In this study, Sn-doped tetrahedrites Cu₁₂Sb_4-ySn_yS₁₃ (0.1 ≤ y ≤ 0.4) were synthesized by mechanical alloying and sintered by hot pressing. A single phase of tetrahedrite was obtained without secondary phases or residual elements without post-annealing treatment. The lattice constant increased as the Sn doping content increased, and Sn was substituted at the Sb site. As the Sn content increased, the carrier concentration decreased due to the charge compensation resulting from the excess supply of electrons. As the Sn content increased, mobility tended to increase when y ≤ 0.3, but decreased rapidly when y = 0.4, which was presumed to be caused by a change in the conduction mechanism, from a degenerate to a non-degenerate state. The electrical conductivity increased as the Sn content decreased, and the temperature dependence was minimal when y = 0.1-0.3. However, the electrical conductivity of the specimen with y = 0.4 increased rapidly as the temperature increased, similar to the behavior of a non-degenerate semiconductor. The Seebeck coefficient increased as the Sn content increased. For y = 0.1-0.3, the Seebeck coefficient increased as the temperature increased, but when y = 0.4, it decreased. This was because the carrier concentration increased rapidly at temperatures above the intrinsic transition temperature. The PF increased as the temperature increased, but it decreased with increasing Sn doping content.
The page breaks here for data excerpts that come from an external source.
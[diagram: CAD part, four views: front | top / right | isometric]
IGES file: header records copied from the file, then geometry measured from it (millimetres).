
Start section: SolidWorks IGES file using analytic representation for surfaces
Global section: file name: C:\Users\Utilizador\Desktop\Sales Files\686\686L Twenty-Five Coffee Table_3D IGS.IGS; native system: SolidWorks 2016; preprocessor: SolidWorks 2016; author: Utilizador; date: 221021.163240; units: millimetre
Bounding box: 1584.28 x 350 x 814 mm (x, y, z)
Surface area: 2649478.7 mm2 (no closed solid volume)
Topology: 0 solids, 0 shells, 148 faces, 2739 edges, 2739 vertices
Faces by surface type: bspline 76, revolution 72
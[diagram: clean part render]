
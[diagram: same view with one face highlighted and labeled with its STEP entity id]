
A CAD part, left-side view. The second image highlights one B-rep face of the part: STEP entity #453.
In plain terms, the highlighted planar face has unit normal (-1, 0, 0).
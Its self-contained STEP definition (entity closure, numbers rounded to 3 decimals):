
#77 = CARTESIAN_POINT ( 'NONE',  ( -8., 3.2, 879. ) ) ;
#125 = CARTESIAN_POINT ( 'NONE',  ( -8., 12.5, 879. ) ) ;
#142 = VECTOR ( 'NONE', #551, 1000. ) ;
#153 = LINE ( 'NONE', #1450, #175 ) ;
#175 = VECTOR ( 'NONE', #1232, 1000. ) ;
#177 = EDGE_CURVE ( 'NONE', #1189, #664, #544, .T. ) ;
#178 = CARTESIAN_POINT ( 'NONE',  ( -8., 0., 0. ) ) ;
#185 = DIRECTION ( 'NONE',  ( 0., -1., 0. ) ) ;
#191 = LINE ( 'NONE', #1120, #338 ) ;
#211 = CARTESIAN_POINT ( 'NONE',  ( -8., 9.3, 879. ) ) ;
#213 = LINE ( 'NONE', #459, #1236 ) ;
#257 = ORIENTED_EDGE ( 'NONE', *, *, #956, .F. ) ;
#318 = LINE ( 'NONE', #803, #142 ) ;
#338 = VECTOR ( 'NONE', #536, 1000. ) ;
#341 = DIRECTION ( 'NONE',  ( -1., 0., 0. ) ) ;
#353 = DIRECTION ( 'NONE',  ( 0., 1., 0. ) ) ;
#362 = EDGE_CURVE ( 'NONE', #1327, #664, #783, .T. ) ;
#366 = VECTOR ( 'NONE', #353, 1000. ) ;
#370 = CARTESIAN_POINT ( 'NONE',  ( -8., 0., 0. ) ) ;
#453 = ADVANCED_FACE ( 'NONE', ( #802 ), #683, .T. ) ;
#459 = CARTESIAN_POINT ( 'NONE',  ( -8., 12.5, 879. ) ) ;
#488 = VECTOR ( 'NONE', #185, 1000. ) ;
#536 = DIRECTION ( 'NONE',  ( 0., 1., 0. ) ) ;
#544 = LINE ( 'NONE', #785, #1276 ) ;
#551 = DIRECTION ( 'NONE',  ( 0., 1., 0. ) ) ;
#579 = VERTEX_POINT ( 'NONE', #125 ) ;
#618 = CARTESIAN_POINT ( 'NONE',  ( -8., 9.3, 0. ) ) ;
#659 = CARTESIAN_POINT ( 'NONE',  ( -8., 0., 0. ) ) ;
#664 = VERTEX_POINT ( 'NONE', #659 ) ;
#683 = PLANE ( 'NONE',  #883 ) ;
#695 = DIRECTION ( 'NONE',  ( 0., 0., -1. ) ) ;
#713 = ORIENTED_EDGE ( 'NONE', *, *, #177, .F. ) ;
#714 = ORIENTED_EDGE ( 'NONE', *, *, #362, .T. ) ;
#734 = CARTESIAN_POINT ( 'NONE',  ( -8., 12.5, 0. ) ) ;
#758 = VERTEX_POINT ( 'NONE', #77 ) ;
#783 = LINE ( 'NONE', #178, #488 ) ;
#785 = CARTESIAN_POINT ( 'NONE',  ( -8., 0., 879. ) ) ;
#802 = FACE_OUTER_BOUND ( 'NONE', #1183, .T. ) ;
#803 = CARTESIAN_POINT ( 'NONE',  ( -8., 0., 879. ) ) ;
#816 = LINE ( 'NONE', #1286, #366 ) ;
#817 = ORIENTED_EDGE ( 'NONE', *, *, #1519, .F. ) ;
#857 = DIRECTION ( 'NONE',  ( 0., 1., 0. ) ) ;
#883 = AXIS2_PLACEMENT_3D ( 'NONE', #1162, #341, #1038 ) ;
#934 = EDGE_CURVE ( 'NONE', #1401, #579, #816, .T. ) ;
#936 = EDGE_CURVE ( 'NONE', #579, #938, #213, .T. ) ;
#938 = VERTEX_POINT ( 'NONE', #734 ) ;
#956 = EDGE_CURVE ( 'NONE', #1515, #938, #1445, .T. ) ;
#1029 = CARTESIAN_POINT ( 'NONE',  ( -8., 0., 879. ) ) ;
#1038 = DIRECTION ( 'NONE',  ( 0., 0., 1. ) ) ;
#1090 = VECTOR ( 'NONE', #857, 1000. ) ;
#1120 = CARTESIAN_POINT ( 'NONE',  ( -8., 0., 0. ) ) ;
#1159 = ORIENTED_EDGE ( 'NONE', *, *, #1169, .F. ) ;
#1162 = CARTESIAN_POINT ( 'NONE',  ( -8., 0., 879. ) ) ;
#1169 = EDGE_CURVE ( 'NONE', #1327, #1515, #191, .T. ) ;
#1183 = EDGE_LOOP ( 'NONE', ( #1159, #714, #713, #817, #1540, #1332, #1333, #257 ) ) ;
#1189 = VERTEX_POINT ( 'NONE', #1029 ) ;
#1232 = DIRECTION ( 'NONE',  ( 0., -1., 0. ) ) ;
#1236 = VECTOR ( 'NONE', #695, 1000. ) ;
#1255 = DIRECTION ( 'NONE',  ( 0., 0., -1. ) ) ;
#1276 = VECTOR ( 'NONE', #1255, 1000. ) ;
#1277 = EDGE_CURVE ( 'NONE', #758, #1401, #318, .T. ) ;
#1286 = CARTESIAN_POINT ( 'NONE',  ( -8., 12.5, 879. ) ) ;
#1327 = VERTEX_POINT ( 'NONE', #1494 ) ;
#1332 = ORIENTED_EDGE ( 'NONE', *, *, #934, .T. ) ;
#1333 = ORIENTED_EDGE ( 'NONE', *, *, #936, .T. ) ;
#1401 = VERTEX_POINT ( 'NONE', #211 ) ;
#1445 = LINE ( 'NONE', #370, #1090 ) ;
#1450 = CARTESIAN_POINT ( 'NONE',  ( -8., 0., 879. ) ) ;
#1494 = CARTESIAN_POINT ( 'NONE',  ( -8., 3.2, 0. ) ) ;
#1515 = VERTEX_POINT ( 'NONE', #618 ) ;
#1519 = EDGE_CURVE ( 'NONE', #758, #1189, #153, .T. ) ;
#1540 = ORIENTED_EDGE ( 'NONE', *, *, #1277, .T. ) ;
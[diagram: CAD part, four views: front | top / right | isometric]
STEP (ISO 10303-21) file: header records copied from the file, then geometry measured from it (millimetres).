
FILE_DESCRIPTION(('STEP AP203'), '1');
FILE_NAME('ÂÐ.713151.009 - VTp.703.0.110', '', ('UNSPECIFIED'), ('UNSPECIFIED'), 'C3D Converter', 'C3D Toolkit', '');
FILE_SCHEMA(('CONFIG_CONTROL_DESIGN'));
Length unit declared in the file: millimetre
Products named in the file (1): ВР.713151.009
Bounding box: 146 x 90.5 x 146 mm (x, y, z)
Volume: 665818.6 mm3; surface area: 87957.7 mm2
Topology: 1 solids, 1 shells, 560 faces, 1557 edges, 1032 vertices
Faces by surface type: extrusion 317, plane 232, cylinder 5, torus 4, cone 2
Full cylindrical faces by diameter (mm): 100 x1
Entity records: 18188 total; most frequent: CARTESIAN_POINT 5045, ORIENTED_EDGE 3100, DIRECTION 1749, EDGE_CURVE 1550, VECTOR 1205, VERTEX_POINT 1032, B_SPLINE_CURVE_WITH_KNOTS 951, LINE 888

The PF was dominated by the influence of electrical conductivity. When the Sn content increased at a constant temperature, both the lattice and electronic thermal conductivities decreased. The Lorenz number decreased as the Sn content increased, changing from a degenerate to a non-degenerate state. The maximum ZT of 0.66 was obtained at 723 K for Cu₁₂Sb_3.9Sn_0.1S₁₃.